A few hours ago, an agreement to resolve the US debt ceiling crisis was reached between the presidency and the House of Congress, raising hopes that it will give an impetus to the rise in risk in the market.
- Markets are dominated by news that the US presidency and the House of Congress agreed yesterday on a deal that will definitively end the debt ceiling crisis. The deal provides for both spending cuts and raising the debt limit, and makes it clear that the US will not meet the 5.Thursday June. Risky assets were slightly higher on the newsafter some stock markets saw very strong gains at the end of last week, esp the NASDAQ 100 index which broke strongly and reached a new 1-year high price. Attention is now likely to turn to the Fed’s next meeting in June.
- In the forex market, the US dollar sold weaklyagainst its long-term trend. Action today was dominated by weakness in the Swiss franc and strength in the Australian dollar – both of which make sense in terms of rally risk. Trend traders will likely look for long trades in USD/JPY currency pair (the Asian session saw another new 6-month high being reached) while short NZD/USD it can also be attractive. The Kiwi remains weak after the RBNZ last week signaled its cap rate had been reached in a surprise move.

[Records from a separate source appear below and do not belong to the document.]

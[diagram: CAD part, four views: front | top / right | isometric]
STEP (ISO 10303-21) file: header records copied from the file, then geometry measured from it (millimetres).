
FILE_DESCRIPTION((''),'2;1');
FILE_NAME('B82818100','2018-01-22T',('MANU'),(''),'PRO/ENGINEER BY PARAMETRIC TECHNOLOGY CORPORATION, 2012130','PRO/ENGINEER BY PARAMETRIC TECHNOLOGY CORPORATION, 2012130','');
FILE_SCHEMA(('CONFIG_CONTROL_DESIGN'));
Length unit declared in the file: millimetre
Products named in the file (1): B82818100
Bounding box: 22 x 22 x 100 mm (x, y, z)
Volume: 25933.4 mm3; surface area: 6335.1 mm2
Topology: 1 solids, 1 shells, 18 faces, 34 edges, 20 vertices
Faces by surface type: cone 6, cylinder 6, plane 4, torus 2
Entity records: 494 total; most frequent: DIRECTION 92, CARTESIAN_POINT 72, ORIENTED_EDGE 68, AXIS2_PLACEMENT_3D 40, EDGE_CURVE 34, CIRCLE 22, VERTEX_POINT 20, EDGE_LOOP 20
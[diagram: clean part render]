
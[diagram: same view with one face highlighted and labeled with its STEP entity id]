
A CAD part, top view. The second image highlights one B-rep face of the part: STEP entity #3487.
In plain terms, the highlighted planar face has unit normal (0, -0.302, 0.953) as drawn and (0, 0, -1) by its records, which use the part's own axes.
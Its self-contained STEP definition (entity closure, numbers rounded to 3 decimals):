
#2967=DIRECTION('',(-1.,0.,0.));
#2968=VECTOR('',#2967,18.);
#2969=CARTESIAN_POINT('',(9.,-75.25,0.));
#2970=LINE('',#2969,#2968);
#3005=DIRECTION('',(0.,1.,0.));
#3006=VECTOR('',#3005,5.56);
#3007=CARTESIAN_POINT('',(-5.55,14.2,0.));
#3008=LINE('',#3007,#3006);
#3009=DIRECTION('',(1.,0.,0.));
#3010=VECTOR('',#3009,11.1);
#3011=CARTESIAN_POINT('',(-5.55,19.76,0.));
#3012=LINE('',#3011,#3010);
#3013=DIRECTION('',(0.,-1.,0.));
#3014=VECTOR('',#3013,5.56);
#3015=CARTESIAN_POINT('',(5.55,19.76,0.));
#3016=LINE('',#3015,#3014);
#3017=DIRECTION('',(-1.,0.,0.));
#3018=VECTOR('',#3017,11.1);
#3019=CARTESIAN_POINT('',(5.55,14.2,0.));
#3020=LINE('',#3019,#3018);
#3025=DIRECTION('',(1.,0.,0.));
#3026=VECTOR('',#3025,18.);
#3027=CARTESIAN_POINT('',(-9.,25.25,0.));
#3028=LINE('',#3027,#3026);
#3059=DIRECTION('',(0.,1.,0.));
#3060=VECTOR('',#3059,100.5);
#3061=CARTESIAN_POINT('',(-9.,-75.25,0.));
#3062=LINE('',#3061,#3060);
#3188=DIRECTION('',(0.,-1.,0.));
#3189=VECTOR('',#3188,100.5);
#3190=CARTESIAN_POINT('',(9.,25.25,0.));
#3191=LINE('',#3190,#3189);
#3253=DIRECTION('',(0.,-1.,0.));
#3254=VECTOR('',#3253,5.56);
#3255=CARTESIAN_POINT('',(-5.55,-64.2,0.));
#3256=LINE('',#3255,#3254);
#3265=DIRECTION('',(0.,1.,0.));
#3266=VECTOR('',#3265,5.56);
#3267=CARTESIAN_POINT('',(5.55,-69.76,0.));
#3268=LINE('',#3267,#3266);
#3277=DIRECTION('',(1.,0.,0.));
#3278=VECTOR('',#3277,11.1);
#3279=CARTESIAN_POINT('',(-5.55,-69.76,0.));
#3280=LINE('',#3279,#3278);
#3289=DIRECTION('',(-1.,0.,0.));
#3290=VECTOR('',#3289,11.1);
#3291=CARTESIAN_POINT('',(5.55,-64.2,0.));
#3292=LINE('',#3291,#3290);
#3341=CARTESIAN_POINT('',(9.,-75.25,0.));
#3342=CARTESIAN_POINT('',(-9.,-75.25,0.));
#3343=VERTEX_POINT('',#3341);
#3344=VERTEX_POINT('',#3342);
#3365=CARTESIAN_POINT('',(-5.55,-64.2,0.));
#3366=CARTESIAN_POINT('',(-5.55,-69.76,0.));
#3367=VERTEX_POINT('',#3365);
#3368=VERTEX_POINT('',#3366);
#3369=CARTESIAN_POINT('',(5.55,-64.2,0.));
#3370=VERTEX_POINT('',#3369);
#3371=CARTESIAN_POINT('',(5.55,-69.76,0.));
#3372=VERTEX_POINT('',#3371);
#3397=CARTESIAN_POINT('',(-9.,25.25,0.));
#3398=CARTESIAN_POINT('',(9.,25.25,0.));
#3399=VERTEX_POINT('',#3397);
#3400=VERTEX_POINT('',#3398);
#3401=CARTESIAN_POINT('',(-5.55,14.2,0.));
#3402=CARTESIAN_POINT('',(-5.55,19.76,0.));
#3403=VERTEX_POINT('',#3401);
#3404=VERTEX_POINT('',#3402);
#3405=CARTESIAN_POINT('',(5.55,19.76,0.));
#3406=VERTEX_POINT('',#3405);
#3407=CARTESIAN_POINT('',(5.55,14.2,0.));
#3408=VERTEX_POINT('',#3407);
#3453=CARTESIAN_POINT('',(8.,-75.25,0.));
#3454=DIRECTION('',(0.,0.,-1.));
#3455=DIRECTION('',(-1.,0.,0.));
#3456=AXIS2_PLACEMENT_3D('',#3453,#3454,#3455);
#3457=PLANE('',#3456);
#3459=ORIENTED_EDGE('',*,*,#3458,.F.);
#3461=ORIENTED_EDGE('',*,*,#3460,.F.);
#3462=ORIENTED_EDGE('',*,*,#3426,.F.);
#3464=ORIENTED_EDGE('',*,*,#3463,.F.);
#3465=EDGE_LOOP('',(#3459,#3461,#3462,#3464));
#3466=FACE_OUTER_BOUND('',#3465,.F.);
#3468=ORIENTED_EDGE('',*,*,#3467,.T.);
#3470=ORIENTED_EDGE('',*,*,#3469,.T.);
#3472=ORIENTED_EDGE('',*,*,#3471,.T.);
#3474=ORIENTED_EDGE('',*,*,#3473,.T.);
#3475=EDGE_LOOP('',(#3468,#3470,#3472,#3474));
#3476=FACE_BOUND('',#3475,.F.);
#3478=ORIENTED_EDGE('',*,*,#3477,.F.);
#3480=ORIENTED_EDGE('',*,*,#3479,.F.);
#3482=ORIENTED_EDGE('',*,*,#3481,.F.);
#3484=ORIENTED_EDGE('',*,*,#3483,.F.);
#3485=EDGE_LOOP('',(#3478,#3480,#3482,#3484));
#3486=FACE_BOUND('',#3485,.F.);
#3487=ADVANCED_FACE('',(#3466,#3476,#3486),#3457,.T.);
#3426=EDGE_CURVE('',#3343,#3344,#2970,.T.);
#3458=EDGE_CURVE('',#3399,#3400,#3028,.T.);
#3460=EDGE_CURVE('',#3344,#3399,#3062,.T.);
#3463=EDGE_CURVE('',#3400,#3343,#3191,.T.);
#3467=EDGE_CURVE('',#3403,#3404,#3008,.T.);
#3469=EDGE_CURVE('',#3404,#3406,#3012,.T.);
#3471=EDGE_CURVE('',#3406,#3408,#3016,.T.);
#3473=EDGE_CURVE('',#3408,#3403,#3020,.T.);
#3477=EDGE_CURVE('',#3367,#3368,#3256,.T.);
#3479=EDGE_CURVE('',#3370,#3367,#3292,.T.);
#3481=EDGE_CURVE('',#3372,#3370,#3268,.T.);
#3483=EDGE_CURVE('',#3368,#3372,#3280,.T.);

- Turkish President Erdogan has won the second round of the presidential election after being forced into a runoff against his main rival. Markets have responded by continuing to sell off the Turkish lira as there is generally little confidence in the president’s monetary policy, with the lira hitting new all-time lows against the US dollar almost every day.
- There is very likely to be little liquidity in the markets today as it is a public holiday in both the US and the UK, two major markets, especially Forex.
- Later today, US central bank consumer confidence data will be released (expected to show a small decline).
- Australia’s CPI (inflation) data will be released tomorrow, with the annualized rate expected to rise slightly from 6.3% to 6.4%.